• TASK INSTRUCTIONS: Omitting the pictures, print every line below exactly as it stands.

• RECORDED INFORMATION:
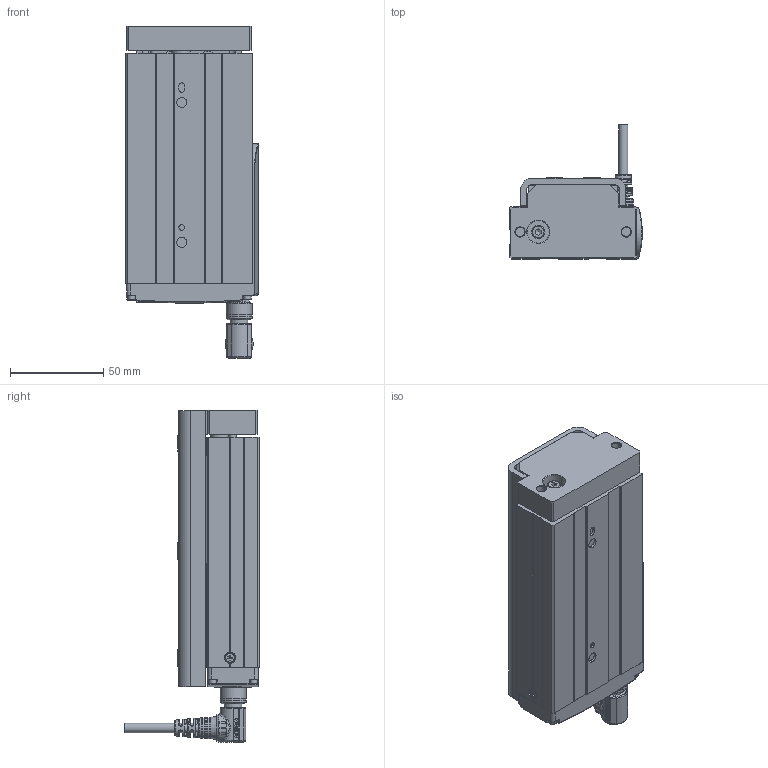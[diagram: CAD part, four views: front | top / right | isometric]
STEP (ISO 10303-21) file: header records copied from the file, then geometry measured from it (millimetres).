
FILE_DESCRIPTION(/* description */ ('STEP AP203'),/* implementation_level */ '2;1');
FILE_NAME(/* name */ 'D:\暫\2025.02.06 CSG 3D\CSG25\CSG25-S75-WW.stp',/* time_stamp */ '2025-02-08T10:02:06+08:00',/* author */ ('T10033'),/* organization */ (''),/* preprocessor_version */ 'ST-DEVELOPER v18.1',/* originating_system */ 'Autodesk Inventor 2020',/* authorisation */ '');
FILE_SCHEMA (('CONFIG_CONTROL_DESIGN'));
Products named in the file (18): CSG25-50行程-180接頭-完整組合; 22035-000061(G4ªo¯]); countersunk flat head cross recess screw_iso_ISO 7046-1 - M2.5 x 4 - 
Z - 4N; ©T©wªO-·¥­­¾×ª
O4-M2¤ú; socket head cap screw_iso_ISO 4762 M2.5 x 6 - 6N; socket head cap screw_iso_ISO 4762 M2.5 x 8 - 8N; ¶ì½¦ºÝ»-L¼Ë¦¡
(TOYO); socket head cap screw_iso_ISO 4762 M2 x 12 - 12N; M12 -14PIN  ªOºÝ-²Ä¤@ºØ
³W®æ; CSG25-50¥»Åé3ª©-ªo¤Õ
½Õ¾ã¨¤«×; CSG25-Carriage-newtype; Solid1-2; M12-14PIN 線端90度接頭-05中繼線; 12003-000221-­×§ï; 22024-000496; CNS 3932 - M 4 x 0.7 x 12; socket head cap screw_iso_ISO 4762 M2.5 x 5 - 5N; CNS 4558 - M5 x 0.8 x 12
Assembly tree (29 placements, depth 2):
  CSG25-50行程-180接頭-完整組合
    22035-000061(G4ªo¯])
    socket head cap screw_iso_ISO 4762 M2.5 x 8 - 8N  x8
    countersunk flat head cross recess screw_iso_ISO 7046-1 - M2.5 x 4 - 
Z - 4N
    ©T©wªO-·¥­­¾×ª
O4-M2¤ú
    socket head cap screw_iso_ISO 4762 M2.5 x 6 - 6N  x2
    ¶ì½¦ºÝ»-L¼Ë¦¡
(TOYO)
    socket head cap screw_iso_ISO 4762 M2 x 12 - 12N  x4
    M12 -14PIN  ªOºÝ-²Ä¤@ºØ
³W®æ
    CSG25-50¥»Åé3ª©-ªo¤Õ
½Õ¾ã¨¤«×
    CSG25-Carriage-newtype
    Solid1-2
    M12-14PIN 線端90度接頭-05中繼線
    12003-000221-­×§ï
    22024-000496
    CNS 3932 - M 4 x 0.7 x 12
    socket head cap screw_iso_ISO 4762 M2.5 x 5 - 5N
    CNS 4558 - M5 x 0.8 x 12  x2
Bounding box: 71 x 71.97 x 178 mm (x, y, z)
Volume: 338566.9 mm3; surface area: 89823 mm2
Topology: 43 solids, 53 shells, 2988 faces, 8205 edges, 5450 vertices
Faces by surface type: plane 1432, bspline 647, cylinder 495, cone 282, torus 125, sphere 7
Full cylindrical faces by diameter (mm): 0.6 x14, 0.65 x14, 1 x14, 1.6 x4, 2 x4, 2.05 x3, 2.5 x13, 2.9 x2, 3 x3, 3.8 x4, 4 x1, 4.134 x8, 4.5 x11, 4.7 x1, 4.95 x1, 5 x6, 5.2 x1, 5.3 x2, 5.4 x4, 5.5 x4, 6 x3, 7 x1, 8 x1, 8.9 x1, 9 x12, 9.5 x2, 9.6 x1, 10 x6, 10.4 x2, 10.5 x2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
Entity records: 115305 total; most frequent: CARTESIAN_POINT 44544, ORIENTED_EDGE 15129, DIRECTION 13277, EDGE_CURVE 7583, VERTEX_POINT 5063, AXIS2_PLACEMENT_3D 4641, LINE 3995, VECTOR 3995

• THE COMPLETED TASK:
[diagram: CAD part, four views: front | top / right | isometric]
STEP (ISO 10303-21) file: header records copied from the file, then geometry measured from it (millimetres).
FILE_DESCRIPTION(/* description */ ('STEP AP203'),/* implementation_level */ '2;1');
FILE_NAME(/* name */ 'D:\暫\2025.02.06 CSG 3D\CSG25\CSG25-S75-WW.stp',/* time_stamp */ '2025-02-08T10:02:06+08:00',/* author */ ('T10033'),/* organization */ (''),/* preprocessor_version */ 'ST-DEVELOPER v18.1',/* originating_system */ 'Autodesk Inventor 2020',/* authorisation */ '');
FILE_SCHEMA (('CONFIG_CONTROL_DESIGN'));
Products named in the file (18): CSG25-50行程-180接頭-完整組合; 22035-000061(G4ªo¯]); countersunk flat head cross recess screw_iso_ISO 7046-1 - M2.5 x 4 - 
Z - 4N; ©T©wªO-·¥­­¾×ª
O4-M2¤ú; socket head cap screw_iso_ISO 4762 M2.5 x 6 - 6N; socket head cap screw_iso_ISO 4762 M2.5 x 8 - 8N; ¶ì½¦ºÝ»-L¼Ë¦¡
(TOYO); socket head cap screw_iso_ISO 4762 M2 x 12 - 12N; M12 -14PIN  ªOºÝ-²Ä¤@ºØ
³W®æ; CSG25-50¥»Åé3ª©-ªo¤Õ
½Õ¾ã¨¤«×; CSG25-Carriage-newtype; Solid1-2; M12-14PIN 線端90度接頭-05中繼線; 12003-000221-­×§ï; 22024-000496; CNS 3932 - M 4 x 0.7 x 12; socket head cap screw_iso_ISO 4762 M2.5 x 5 - 5N; CNS 4558 - M5 x 0.8 x 12
Assembly tree (29 placements, depth 2):
  CSG25-50行程-180接頭-完整組合
    22035-000061(G4ªo¯])
    socket head cap screw_iso_ISO 4762 M2.5 x 8 - 8N  x8
    countersunk flat head cross recess screw_iso_ISO 7046-1 - M2.5 x 4 - 
Z - 4N
    ©T©wªO-·¥­­¾×ª
O4-M2¤ú
    socket head cap screw_iso_ISO 4762 M2.5 x 6 - 6N  x2
    ¶ì½¦ºÝ»-L¼Ë¦¡
(TOYO)
    socket head cap screw_iso_ISO 4762 M2 x 12 - 12N  x4
    M12 -14PIN  ªOºÝ-²Ä¤@ºØ
³W®æ
    CSG25-50¥»Åé3ª©-ªo¤Õ
½Õ¾ã¨¤«×
    CSG25-Carriage-newtype
    Solid1-2
    M12-14PIN 線端90度接頭-05中繼線
    12003-000221-­×§ï
    22024-000496
    CNS 3932 - M 4 x 0.7 x 12
    socket head cap screw_iso_ISO 4762 M2.5 x 5 - 5N
    CNS 4558 - M5 x 0.8 x 12  x2
Bounding box: 71 x 71.97 x 178 mm (x, y, z)
Volume: 338566.9 mm3; surface area: 89823 mm2
Topology: 43 solids, 53 shells, 2988 faces, 8205 edges, 5450 vertices
Faces by surface type: plane 1432, bspline 647, cylinder 495, cone 282, torus 125, sphere 7
Full cylindrical faces by diameter (mm): 0.6 x14, 0.65 x14, 1 x14, 1.6 x4, 2 x4, 2.05 x3, 2.5 x13, 2.9 x2, 3 x3, 3.8 x4, 4 x1, 4.134 x8, 4.5 x11, 4.7 x1, 4.95 x1, 5 x6, 5.2 x1, 5.3 x2, 5.4 x4, 5.5 x4, 6 x3, 7 x1, 8 x1, 8.9 x1, 9 x12, 9.5 x2, 9.6 x1, 10 x6, 10.4 x2, 10.5 x2
Entity records: 115305 total; most frequent: CARTESIAN_POINT 44544, ORIENTED_EDGE 15129, DIRECTION 13277, EDGE_CURVE 7583, VERTEX_POINT 5063, AXIS2_PLACEMENT_3D 4641, LINE 3995, VECTOR 3995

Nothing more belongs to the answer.